#  > > >  >  > Форум >  > > >  >  > Лингвистический форум >  > > >  >  > Лингвистический форум >  > > >  >  > Пали >  > > >  >  >  sandhāvataṁ saṁsarataṁ

## sergey

Приветствую! 
Кто знает пали, может кто-то подсказать, прокомментировать? В выражении



> avijjānīvaraṇānaṁ sattānaṁ taṇhāsaṁyojanānaṁ sandhāvataṁ saṁsarataṁ.

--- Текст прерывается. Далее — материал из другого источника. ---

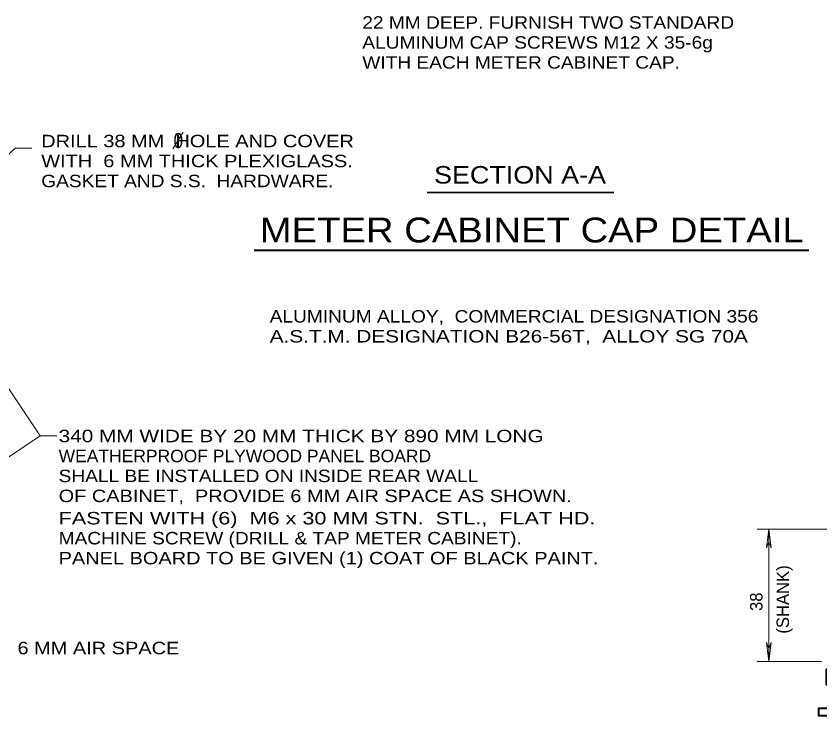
# Model space of a CAD drawing. Extents: x 312583 to 312853, y 144419 to 144586.
# Drawn here: x 312716.69 to 312765.82, y 144489.24 to 144532.01 of the extents above; entities that cross this region are included whole.
import ezdxf
from ezdxf.enums import TextEntityAlignment as Align

# ---------------------------------------------------------------- set-up
doc = ezdxf.new("R2010")
doc.units = 0
doc.header["$LTSCALE"] = 0.3
doc.layers.add('1', color=7, linetype='Continuous', lineweight=40)
doc.layers.add('2', color=7, linetype='Continuous', lineweight=13)

msp = doc.modelspace()

# ---------------------------------------------------------------- linework, layer by layer
at = {"layer": '1'}
msp.add_lwpolyline([(312768.1377, 144489.2426), (312765.761, 144489.2426), (312765.761, 144489.7179), (312766.7117, 144489.7179), (312766.7117, 144490.1933), (312767.187, 144490.1933), (312767.187, 144490.6686), (312767.6624, 144490.6686), (312767.6624, 144491.1439), (312766.2364, 144491.1439), (312766.2364, 144491.6193), (312766.2364, 144492.0946), (312766.7117, 144492.0946), (312766.7117, 144492.5699), (312768.1377, 144492.5699)], dxfattribs=at)
at = {"layer": '2'}
for p, q in [((312726.2654, 144523.8945), (312726.9017, 144524.9218)), ((312718.1501, 144506.3521), (312719.1698, 144506.3521)), ((312766.6427, 144500.6659), (312761.9814, 144500.6659)), ((312762.702, 144500.6659), (312762.5564, 144499.5083)), ((312762.702, 144492.5699), (312762.702, 144500.6659)), ((312762.702, 144500.6659), (312762.8477, 144499.5083)), ((312762.5564, 144499.5083), (312762.702, 144499.8763)), ((312762.8477, 144499.5083), (312762.702, 144499.8763)), ((312762.5564, 144493.7276), (312762.702, 144493.3596)), ((312762.702, 144492.5699), (312762.5564, 144493.7276)), ((312762.8477, 144493.7276), (312762.702, 144493.3596)), ((312762.702, 144492.5699), (312762.8477, 144493.7276)), ((312765.922, 144492.5699), (312761.9814, 144492.5699))]:
    msp.add_line(p, q, dxfattribs=at)
at = {"layer": '2', "lineweight": 35}
msp.add_line((312741.8168, 144521.2356), (312753.2266, 144521.2356), dxfattribs=at)
at = {"layer": '2', "lineweight": 40}
msp.add_line((312731.2342, 144517.7041), (312765.1446, 144517.7041), dxfattribs=at)
at = {"layer": '2'}
for points in [[(312711.67, 144519.3843), (312716.6329, 144523.9334), (312717.6526, 144523.9334)], [(312713.4563, 144503.2076), (312718.1501, 144506.3521), (312713.2646, 144513.6803)]]:
    msp.add_lwpolyline(points, dxfattribs=at)

# ---------------------------------------------------------------- texts
for s, width, p in [('22 MM DEEP. FURNISH TWO STANDARD ', 1.15, (312737.8499, 144531.2426)), ('ALUMINUM CAP SCREWS M12 X 35-6g', 1.15, (312737.8499, 144530.0226)), ('WITH EACH METER CABINET CAP.', 1.15, (312737.8499, 144528.8026)), ('DRILL 38 MM  HOLE AND COVER', 1.2, (312718.225, 144523.997)), ('WITH  6 MM THICK PLEXIGLASS.', 1.2, (312718.225, 144522.777)), ('GASKET AND S.S.  HARDWARE.', 1.15, (312718.225, 144521.557)), ('ALUMINUM ALLOY,  COMMERCIAL DESIGNATION 356', 1.15, (312732.1905, 144513.2844)), ('A.S.T.M. DESIGNATION B26-56T,  ALLOY SG 70A', 1.25, (312732.1905, 144512.0644)), ('340 MM WIDE BY 20 MM THICK BY 890 MM LONG', 1.25, (312719.2867, 144505.9702)), ('WEATHERPROOF PLYWOOD PANEL BOARD', 1.05, (312719.2867, 144504.7502)), ('SHALL BE INSTALLED ON INSIDE REAR WALL', 1.15, (312719.2867, 144503.5302)), ('OF CABINET,  PROVIDE 6 MM AIR SPACE AS SHOWN.', 1.2, (312719.2867, 144502.3102)), ('FASTEN WITH (6)  M6 x 30 MM STN.  STL.,  FLAT HD.', 1.3, (312719.2868, 144500.9467)), ('MACHINE SCREW (DRILL & TAP METER CABINET).', 1.15, (312719.2868, 144499.7267)), ('PANEL BOARD TO BE GIVEN (1) COAT OF BLACK PAINT.', 1.2, (312719.2868, 144498.5067)), ('6 MM AIR SPACE', 1.2, (312716.7721, 144493.0119))]:
    msp.add_text(s, height=0.76, dxfattribs=dict(at, width=width)).set_placement(p)
for s, height, width, p in [('0', 0.92, 0.85, (312726.6027, 144523.9481)), ('SECTION A-A', 1.07, 1.15, (312747.4927, 144521.7777)), ('METER CABINET CAP DETAIL', 1.52, 1.15, (312748.2062, 144518.1796))]:
    msp.add_text(s, height=height, dxfattribs=dict(at, width=width)).set_placement(p, align=Align.CENTER)
for s, p in [('(SHANK)', (312763.9337, 144494.2703)), ('38', (312762.3141, 144495.6562))]:
    msp.add_text(s, height=0.76, rotation=90, dxfattribs=at).set_placement(p)

doc.saveas('drawing.dxf')

правильно ли я понимаю, что sandhāvataṁ saṁsarataṁ - это причастия настоящего времени?

----------


## Андрей П.

Приветствую! 
К сожалению я еще не знаю синтаксических правил, поэтому могу предложить только возможные варианты без учета(!) контекста, пока настоящие эксперты не подтянулись.

saṃsarataṃ
1. participle present active [saṃsara(t) = saṃ + √sara + ta]
2. verb present reflective imperative 3rd person singular [saṃsarataṃ = saṃ + √sara + taṃ] (см. §381 грамматики Ч. Дюрозеля)
3. participle passive perfect [saṃsarata = saṃ + √sara + ta] (см. §451 грамматики Ч. Дюрозеля)
4. adverb case accusative [saṃsarataṃ = saṃ + √sara + ta + aṃ] (см. §532-b грамматики Ч. Дюрозеля)

аналогично и для

sandhāvataṃ
1. participle present active [sandhāva(t) = saṃ + √dhāva + ta]
2. verb present reflective imperative 3rd person singular [sandhāvataṃ= saṃ + √dhāva + taṃ]
3. participle passive perfect [saṃsarata = saṃ + √dhāva + ta]
4. adverb case accusative [sandhāvataṃ = saṃ + √dhāva + ta + aṃ]

----------

sergey (20.09.2021)

----------


## Vladiimir

> правильно ли я понимаю, что sandhāvataṁ saṁsarataṁ - это причастия настоящего времени?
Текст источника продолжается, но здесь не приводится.